_WHAT TO DO_
From the entries that follow, copy each line in which "Plot" appears.

_INFORMATION SHOWN_
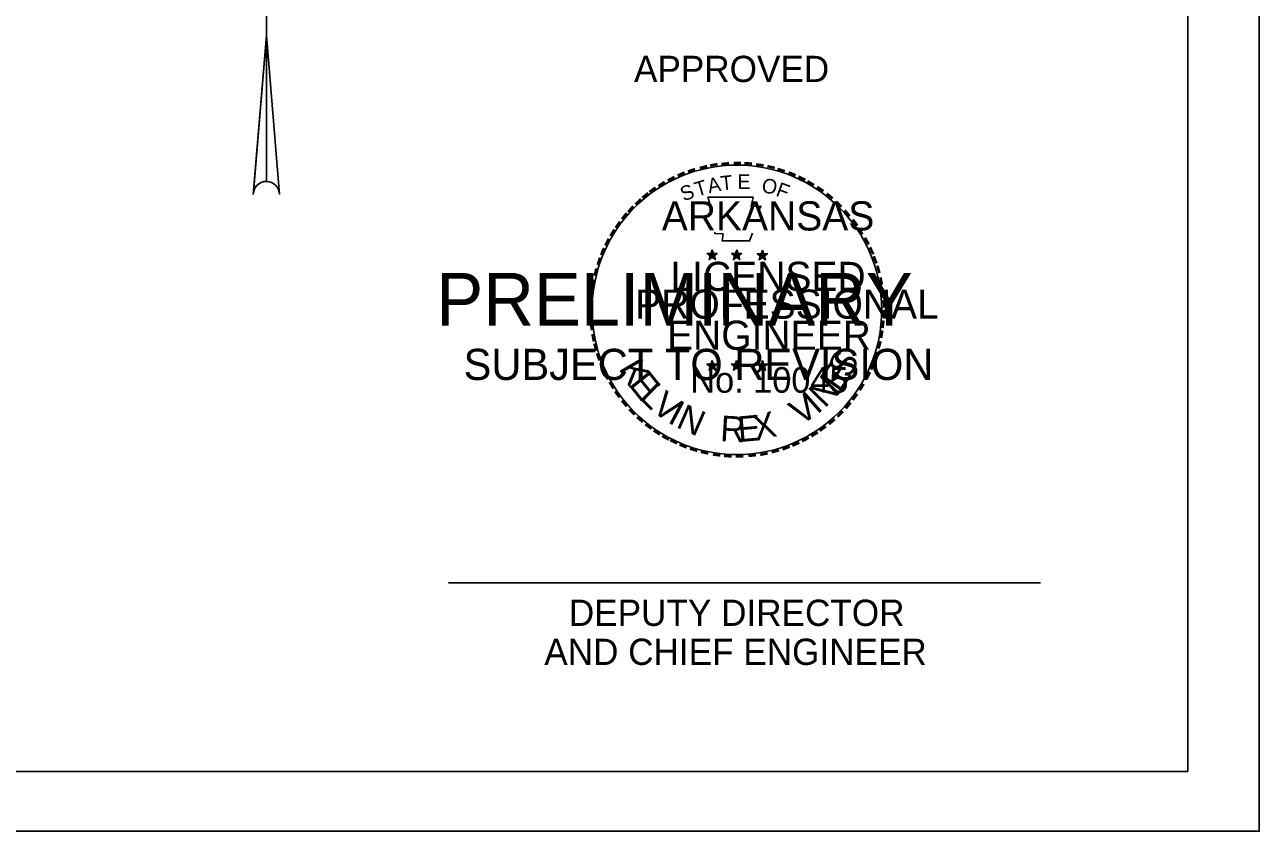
# Model space of a CAD drawing. Extents: x 1382482 to 1385815, y 1168351 to 1170484.
# Drawn here: x 1384993 to 1385815, y 1168351 to 1168888 of the extents above; entities that cross this region are included whole.
import ezdxf

# ---------------------------------------------------------------- set-up
doc = ezdxf.new("R2010")
doc.units = 0
for name, color, linetype in [('R_Border', 7, 'Continuous'), ('R_Border PE', 7, 'Continuous'), ('R_Border Prem', 7, 'Continuous'), ('R_Draft', 7, 'Continuous'), ('R_No Plot', 7, 'Continuous')]:
    doc.layers.add(name, color=color, linetype=linetype)

msp = doc.modelspace()

# ---------------------------------------------------------------- linework, layer by layer
at = {"layer": 'R_Border'}
for q in [(1385767.76, 1170445.2), (1382605.96, 1168390.6)]:
    msp.add_line((1385767.76, 1168390.6), q, dxfattribs=at)
at = {"layer": 'R_Border PE'}
for p, q in [((1385447.42, 1168735.73), (1385450.82, 1168734.63)), ((1385447.42, 1168735.73), (1385449.92, 1168735.33)), ((1385447.42, 1168735.73), (1385449.72, 1168734.53)), ((1385448.72, 1168731.73), (1385450.82, 1168734.63)), ((1385448.72, 1168731.73), (1385449.92, 1168734.13)), ((1385448.72, 1168731.73), (1385450.72, 1168733.83)), ((1385450.82, 1168738.23), (1385450.42, 1168735.73)), ((1385452.92, 1168731.73), (1385450.72, 1168733.83)), ((1385450.82, 1168734.63), (1385450.82, 1168738.23)), ((1385450.82, 1168738.23), (1385451.32, 1168735.83)), ((1385454.12, 1168735.73), (1385450.82, 1168734.63)), ((1385452.92, 1168731.73), (1385450.82, 1168734.63)), ((1385454.12, 1168735.73), (1385451.42, 1168735.23)), ((1385452.92, 1168731.73), (1385451.52, 1168734.53)), ((1385454.12, 1168735.73), (1385452.22, 1168734.73)), ((1385463.72, 1168735.73), (1385467.12, 1168734.63)), ((1385463.72, 1168735.73), (1385466.12, 1168735.33)), ((1385463.72, 1168735.73), (1385465.92, 1168734.53)), ((1385464.92, 1168731.73), (1385467.12, 1168734.63)), ((1385464.92, 1168731.73), (1385466.22, 1168734.13)), ((1385464.92, 1168731.73), (1385467.02, 1168733.83)), ((1385467.12, 1168738.23), (1385466.72, 1168735.73)), ((1385469.12, 1168731.73), (1385467.02, 1168733.83)), ((1385467.12, 1168734.63), (1385467.12, 1168738.23)), ((1385467.12, 1168738.23), (1385467.52, 1168735.83)), ((1385470.42, 1168735.73), (1385467.12, 1168734.63)), ((1385469.12, 1168731.73), (1385467.12, 1168734.63)), ((1385470.42, 1168735.73), (1385467.62, 1168735.23)), ((1385469.12, 1168731.73), (1385467.72, 1168734.53)), ((1385470.42, 1168735.73), (1385468.42, 1168734.73)), ((1385480.82, 1168735.63), (1385484.22, 1168734.53)), ((1385480.82, 1168735.63), (1385483.22, 1168735.13)), ((1385480.82, 1168735.63), (1385483.12, 1168734.43)), ((1385482.02, 1168731.63), (1385484.22, 1168734.53)), ((1385482.02, 1168731.63), (1385483.32, 1168734.03)), ((1385482.02, 1168731.63), (1385484.22, 1168733.73)), ((1385484.22, 1168738.03), (1385483.82, 1168735.63)), ((1385484.22, 1168734.53), (1385484.22, 1168738.03)), ((1385484.22, 1168738.03), (1385484.62, 1168735.63)), ((1385487.62, 1168735.63), (1385484.22, 1168734.53)), ((1385486.22, 1168731.63), (1385484.22, 1168734.53)), ((1385486.22, 1168731.63), (1385484.22, 1168733.73)), ((1385487.62, 1168735.63), (1385484.72, 1168735.13)), ((1385486.22, 1168731.63), (1385484.92, 1168734.43)), ((1385487.62, 1168735.63), (1385485.52, 1168734.63)), ((1385447.32, 1168662.13), (1385450.72, 1168661.03)), ((1385447.32, 1168662.13), (1385449.92, 1168661.63)), ((1385447.32, 1168662.13), (1385449.72, 1168660.93)), ((1385448.72, 1168658.13), (1385450.72, 1168661.03)), ((1385448.72, 1168658.13), (1385449.92, 1168660.53)), ((1385448.72, 1168658.13), (1385450.72, 1168660.33)), ((1385450.72, 1168664.53), (1385450.32, 1168662.13)), ((1385450.72, 1168661.03), (1385450.72, 1168664.53)), ((1385450.72, 1168664.53), (1385451.22, 1168662.13)), ((1385454.12, 1168662.13), (1385450.72, 1168661.03)), ((1385452.92, 1168658.13), (1385450.72, 1168661.03)), ((1385452.92, 1168658.13), (1385450.72, 1168660.23)), ((1385454.12, 1168662.13), (1385451.32, 1168661.63)), ((1385452.92, 1168658.13), (1385451.52, 1168660.93)), ((1385454.12, 1168662.13), (1385452.22, 1168661.13)), ((1385463.62, 1168662.13), (1385467.02, 1168661.03)), ((1385463.62, 1168662.13), (1385466.12, 1168661.63)), ((1385463.62, 1168662.13), (1385465.92, 1168660.93)), ((1385464.92, 1168658.13), (1385467.02, 1168661.03)), ((1385464.92, 1168658.13), (1385466.12, 1168660.53)), ((1385464.92, 1168658.13), (1385467.02, 1168660.33)), ((1385467.02, 1168664.53), (1385466.62, 1168662.13)), ((1385467.02, 1168661.03), (1385467.02, 1168664.53)), ((1385467.02, 1168664.53), (1385467.42, 1168662.13)), ((1385470.42, 1168662.13), (1385467.02, 1168661.03)), ((1385469.02, 1168658.13), (1385467.02, 1168661.03)), ((1385469.02, 1168658.13), (1385467.02, 1168660.23)), ((1385470.42, 1168662.13), (1385467.52, 1168661.63)), ((1385469.02, 1168658.13), (1385467.72, 1168660.93)), ((1385470.42, 1168662.13), (1385468.32, 1168661.13)), ((1385480.82, 1168662.03), (1385484.22, 1168660.93)), ((1385480.82, 1168662.03), (1385483.22, 1168661.53)), ((1385480.82, 1168662.03), (1385483.12, 1168660.83)), ((1385482.02, 1168658.03), (1385484.22, 1168660.93)), ((1385482.02, 1168658.03), (1385483.32, 1168660.43)), ((1385482.02, 1168658.03), (1385484.22, 1168660.23)), ((1385484.22, 1168664.43), (1385483.82, 1168662.03)), ((1385484.22, 1168660.93), (1385484.22, 1168664.43)), ((1385484.22, 1168664.43), (1385484.62, 1168662.03)), ((1385487.62, 1168662.03), (1385484.22, 1168660.93)), ((1385486.22, 1168658.03), (1385484.22, 1168660.93)), ((1385486.22, 1168658.03), (1385484.22, 1168660.13)), ((1385487.62, 1168662.03), (1385484.72, 1168661.53)), ((1385486.22, 1168658.03), (1385484.82, 1168660.83)), ((1385487.62, 1168662.03), (1385485.52, 1168661.03)), ((1385275.11, 1168516.37), (1385669.46, 1168516.37))]:
    msp.add_line(p, q, dxfattribs=at)
for points in [[(1385447.82, 1168773.43), (1385450.42, 1168765.33)], [(1385481.92, 1168764.53), (1385483.32, 1168767.23), (1385476.72, 1168767.03), (1385478.02, 1168773.43), (1385447.82, 1168773.43)], [(1385452.62, 1168749.93), (1385452.62, 1168749.03), (1385458.02, 1168748.83), (1385457.52, 1168744.23), (1385475.72, 1168744.23), (1385477.72, 1168749.43)], [(1385450.82, 1168738.23), (1385452.92, 1168731.73), (1385447.42, 1168735.73), (1385454.12, 1168735.73), (1385448.72, 1168731.73), (1385450.82, 1168738.23)], [(1385467.12, 1168738.23), (1385469.12, 1168731.73), (1385463.72, 1168735.73), (1385470.42, 1168735.73), (1385464.92, 1168731.73), (1385467.12, 1168738.23)], [(1385484.22, 1168738.03), (1385486.22, 1168731.63), (1385480.82, 1168735.63), (1385487.62, 1168735.63), (1385482.02, 1168731.63), (1385484.22, 1168738.03)], [(1385450.72, 1168664.53), (1385452.92, 1168658.13), (1385447.32, 1168662.13), (1385454.12, 1168662.13), (1385448.72, 1168658.13), (1385450.72, 1168664.53)], [(1385467.02, 1168664.53), (1385469.02, 1168658.13), (1385463.62, 1168662.13), (1385470.42, 1168662.13), (1385464.92, 1168658.13), (1385467.02, 1168664.53)], [(1385484.22, 1168664.43), (1385486.22, 1168658.03), (1385480.82, 1168662.03), (1385487.62, 1168662.03), (1385482.02, 1168658.03), (1385484.22, 1168664.43)]]:
    msp.add_lwpolyline(points, dxfattribs=at)
for centre, radius in [((1385467.26, 1168698.24), 96.45), ((1385450.73, 1168734.61), 1.67), ((1385450.73, 1168734.61), 1.41), ((1385450.73, 1168734.61), 1.13), ((1385450.73, 1168734.61), 0.963), ((1385450.73, 1168734.61), 0.726), ((1385450.73, 1168734.61), 0.482), ((1385450.73, 1168734.61), 0.288), ((1385466.96, 1168734.61), 1.67), ((1385466.96, 1168734.61), 1.41), ((1385466.96, 1168734.61), 1.13), ((1385466.96, 1168734.61), 0.963), ((1385466.96, 1168734.61), 0.726), ((1385466.96, 1168734.61), 0.482), ((1385466.96, 1168734.61), 0.288), ((1385484.11, 1168734.5), 1.67), ((1385484.11, 1168734.5), 1.41), ((1385484.11, 1168734.5), 1.13), ((1385484.11, 1168734.5), 0.963), ((1385484.11, 1168734.5), 0.726), ((1385484.11, 1168734.5), 0.482), ((1385484.11, 1168734.5), 0.288), ((1385450.69, 1168661.01), 1.67), ((1385450.69, 1168661.01), 1.41), ((1385450.69, 1168661.01), 1.13), ((1385450.69, 1168661.01), 0.963), ((1385450.69, 1168661.01), 0.726), ((1385450.69, 1168661.01), 0.482), ((1385450.69, 1168661.01), 0.288), ((1385466.92, 1168661.01), 1.67), ((1385466.92, 1168661.01), 1.41), ((1385466.92, 1168661.01), 1.13), ((1385466.92, 1168661.01), 0.963), ((1385466.92, 1168661.01), 0.726), ((1385466.92, 1168661.01), 0.482), ((1385466.92, 1168661.01), 0.288), ((1385484.09, 1168660.91), 1.67), ((1385484.09, 1168660.91), 1.41), ((1385484.09, 1168660.91), 1.13), ((1385484.09, 1168660.91), 0.963), ((1385484.09, 1168660.91), 0.726), ((1385484.09, 1168660.91), 0.482), ((1385484.09, 1168660.91), 0.288)]:
    msp.add_circle(centre, radius, dxfattribs=at)
at = {"layer": 'R_Draft'}
for p, q in [((1385153.81, 1168921.83), (1385153.81, 1168809.78)), ((1385153.81, 1168880.95), (1385145.18, 1168776.51)), ((1385153.81, 1168783.82), (1385153.81, 1168880.95))]:
    msp.add_line(p, q, dxfattribs=at)
msp.add_lwpolyline([(1385162.56, 1168775.07), (1385153.81, 1168880.95), (1385145.06, 1168775.07)], dxfattribs=at)
for start, end in [(0, 180), (90, 170.5511)]:
    msp.add_arc((1385153.81, 1168775.07), 8.75, start, end, dxfattribs=at)
at = {"layer": 'R_No Plot'}
msp.add_line((1382481.95, 1168350.81), (1385815.28, 1168350.81), dxfattribs=at)
msp.add_lwpolyline([(1382481.88, 1170484.15), (1385815.28, 1170484.15), (1385815.28, 1168350.77), (1382481.88, 1168350.77)], close=True, dxfattribs=at)

# ---------------------------------------------------------------- texts
at = {"layer": 'R_Border PE'}
for s, height, p in [('APPROVED', 17.496, (1385398.72, 1168850.03)), ('ARKANSAS', 19.44, (1385417.22, 1168751.13)), ('LICENSED', 19.44, (1385423.02, 1168710.83)), ('PROFESSIONAL', 19.44, (1385399.52, 1168692.33)), ('ENGINEER', 19.44, (1385420.72, 1168671.63)), ('No. 10045', 17.078, (1385436.22, 1168643.03)), ('DEPUTY DIRECTOR', 17.496, (1385355.34, 1168487.64)), ('AND CHIEF ENGINEER', 17.496, (1385338.95, 1168461.64))]:
    msp.add_text(s, height=height, dxfattribs=at).set_placement(p)
for s, height, rotation, p in [('-', 15.55, 5.89682, (1385456.62, 1168789.33)), ('-', 15.55, 0.18623, (1385464.12, 1168790.03)), ('-', 15.55, 357.74304, (1385471.12, 1168789.93)), ('-', 15.55, 24.30721, (1385429.42, 1168781.83)), ('-', 15.55, 19.17608, (1385435.72, 1168784.43)), ('-', 15.55, 13.63015, (1385443.02, 1168786.73)), ('-', 15.55, 10.21935, (1385449.52, 1168788.33)), ('E', 9.72, 0.83234, (1385467.72, 1168778.73)), ('-', 15.55, 352.16173, (1385478.32, 1168789.33)), ('-', 15.55, 347.20489, (1385485.32, 1168788.33)), ('-', 15.55, 342.3362, (1385491.62, 1168786.73)), ('-', 15.55, 337.85509, (1385498.62, 1168784.63)), ('-', 15.55, 36.23174, (1385411.82, 1168771.33)), ('-', 15.55, 34.06357, (1385417.52, 1168775.13)), ('-', 15.55, 28.79182, (1385423.32, 1168778.73)), ('S', 9.72, 21.59401, (1385431.82, 1168770.33)), ('T', 9.72, 16.4036, (1385440.72, 1168773.53)), ('A', 9.72, 11.21318, (1385448.72, 1168775.93)), ('T', 9.72, 6.02276, (1385456.92, 1168777.63)), ('O', 9.72, 350.4515, (1385483.32, 1168776.63)), ('F', 9.72, 340.07066, (1385492.62, 1168774.43)), ('-', 15.55, 334.12109, (1385504.82, 1168782.03)), ('-', 15.55, 329.64089, (1385510.42, 1168779.23)), ('-', 15.55, 325.86266, (1385516.62, 1168775.73)), ('-', 15.55, 42.96224, (1385403.12, 1168763.53)), ('-', 15.55, 38.95066, (1385407.32, 1168767.63)), ('-', 15.55, 320.52971, (1385522.62, 1168771.63)), ('-', 15.55, 48.42305, (1385398.72, 1168758.83)), ('-', 15.55, 315.57859, (1385528.42, 1168766.83)), ('-', 15.55, 309.87973, (1385533.92, 1168761.43)), ('-', 15.55, 54.23247, (1385390.82, 1168748.63)), ('-', 15.55, 50.61417, (1385394.72, 1168754.23)), ('-', 15.55, 306.65218, (1385539.12, 1168755.63)), ('-', 15.55, 58.07063, (1385387.62, 1168743.53)), ('-', 13.61, 303.67529, (1385543.72, 1168750.13)), ('-', 15.55, 67.77427, (1385382.02, 1168731.63)), ('-', 15.55, 62.87135, (1385384.52, 1168737.53)), ('-', 15.55, 299.66835, (1385546.92, 1168744.13)), ('-', 15.55, 294.66279, (1385550.12, 1168738.23)), ('-', 15.55, 72.39447, (1385380.02, 1168725.53)), ('-', 15.55, 290.57283, (1385552.52, 1168732.73)), ('-', 15.55, 75.46096, (1385378.02, 1168718.53)), ('-', 15.55, 285.12326, (1385554.82, 1168727.03)), ('-', 15.55, 81.20126, (1385376.82, 1168711.63)), ('-', 15.55, 280.54934, (1385556.82, 1168719.73)), ('-', 15.55, 85.18634, (1385376.02, 1168704.93)), ('-', 15.55, 276.59616, (1385558.32, 1168712.43)), ('-', 15.55, 89.06224, (1385375.82, 1168698.13)), ('-', 15.55, 274.33011, (1385558.92, 1168705.33)), ('-', 15.55, 269.94067, (1385559.22, 1168699.13)), ('-', 15.55, 94.19588, (1385376.12, 1168691.03)), ('-', 15.55, 263.5172, (1385559.02, 1168692.73)), ('-', 15.55, 98.94793, (1385376.82, 1168684.63)), ('-', 15.55, 101.71495, (1385378.12, 1168677.43)), ('-', 15.55, 260.99529, (1385558.32, 1168686.33)), ('-', 15.55, 105.45785, (1385379.72, 1168671.63)), ('-', 15.55, 255.7626, (1385557.32, 1168679.73)), ('-', 15.55, 109.08742, (1385381.72, 1168665.53)), ('K', 17.08, 300.31651, (1385388.18, 1168659.32)), ('S', 17.08, 62.31272, (1385542.16, 1168651.8)), ('-', 15.55, 252.86809, (1385555.52, 1168672.73)), ('-', 15.55, 114.06432, (1385384.22, 1168659.73)), ('-', 15.55, 115.72885, (1385387.22, 1168653.73)), ('E', 17.08, 308.55476, (1385394.57, 1168648.39)), ('E', 17.08, 54.95088, (1385535.6, 1168642.58)), ('-', 15.55, 244.61971, (1385550.82, 1168660.13)), ('-', 15.55, 247.88866, (1385553.42, 1168666.23)), ('-', 15.55, 120.44712, (1385390.72, 1168648.03)), ('L', 17.08, 315.9166, (1385401.56, 1168639.49)), ('N', 17.08, 45.66094, (1385525.71, 1168632.28)), ('-', 15.55, 239.07125, (1385547.02, 1168652.83)), ('-', 15.55, 125.89344, (1385394.52, 1168642.63)), ('V', 17.08, 323.27844, (1385409.63, 1168631.55)), ('V', 17.08, 32.69008, (1385509.42, 1168620.84)), ('I', 17.08, 41.45417, (1385520.72, 1168628.17)), ('-', 15.55, 233.84524, (1385543.12, 1168646.53)), ('-', 15.55, 130.71812, (1385399.12, 1168637.13)), ('-', 15.55, 134.22381, (1385404.12, 1168631.93)), ('I', 17.08, 332.04253, (1385420.46, 1168623.55)), ('N', 17.08, 336.2493, (1385426.06, 1168620.32)), ('-', 15.55, 231.25377, (1385538.92, 1168640.93)), ('-', 15.55, 138.93382, (1385409.22, 1168627.43)), ('R', 17.08, 356.66964, (1385455.84, 1168610.85)), ('E', 17.08, 4.90789, (1385468.48, 1168610.11)), ('X', 17.08, 12.26973, (1385479.76, 1168610.99)), ('-', 15.55, 221.08509, (1385529.22, 1168630.53)), ('-', 15.55, 225.76533, (1385534.22, 1168635.53)), ('-', 15.55, 144.64634, (1385414.62, 1168623.43)), ('-', 15.55, 148.08978, (1385420.02, 1168619.83)), ('-', 15.55, 212.24909, (1385518.72, 1168622.23)), ('-', 15.55, 215.73633, (1385523.82, 1168626.03)), ('-', 15.55, 151.57039, (1385425.62, 1168616.63)), ('-', 15.55, 154.60019, (1385430.82, 1168614.33)), ('-', 15.55, 158.56121, (1385436.82, 1168611.83)), ('-', 15.55, 200.71842, (1385501.22, 1168613.03)), ('-', 15.55, 204.25161, (1385507.22, 1168615.63)), ('-', 15.55, 207.35684, (1385513.22, 1168618.83)), ('-', 15.55, 162.79826, (1385443.52, 1168609.73)), ('-', 15.55, 167.55551, (1385450.42, 1168608.23)), ('-', 15.55, 173.11546, (1385457.92, 1168607.13)), ('-', 15.55, 176.51827, (1385465.03, 1168606.55)), ('-', 15.55, 181.59176, (1385472.33, 1168606.75)), ('-', 15.55, 185.81666, (1385480.32, 1168607.53)), ('-', 15.55, 191.28576, (1385487.52, 1168608.73)), ('-', 15.55, 195.47429, (1385494.62, 1168610.73))]:
    msp.add_text(s, height=height, rotation=rotation, dxfattribs=at).set_placement(p)
at = {"layer": 'R_Border Prem'}
for s, height, p in [('PRELIMINARY', 35, (1385267.08, 1168687.81)), ('SUBJECT TO REVISION', 20.7511, (1385285.17, 1168651.52))]:
    msp.add_text(s, height=height, dxfattribs=at).set_placement(p)

doc.saveas('drawing.dxf')

_RESULT OF THIS EXERCISE_
for name, color, linetype in [('R_Border', 7, 'Continuous'), ('R_Border PE', 7, 'Continuous'), ('R_Border Prem', 7, 'Continuous'), ('R_Draft', 7, 'Continuous'), ('R_No Plot', 7, 'Continuous')]:
at = {"layer": 'R_No Plot'}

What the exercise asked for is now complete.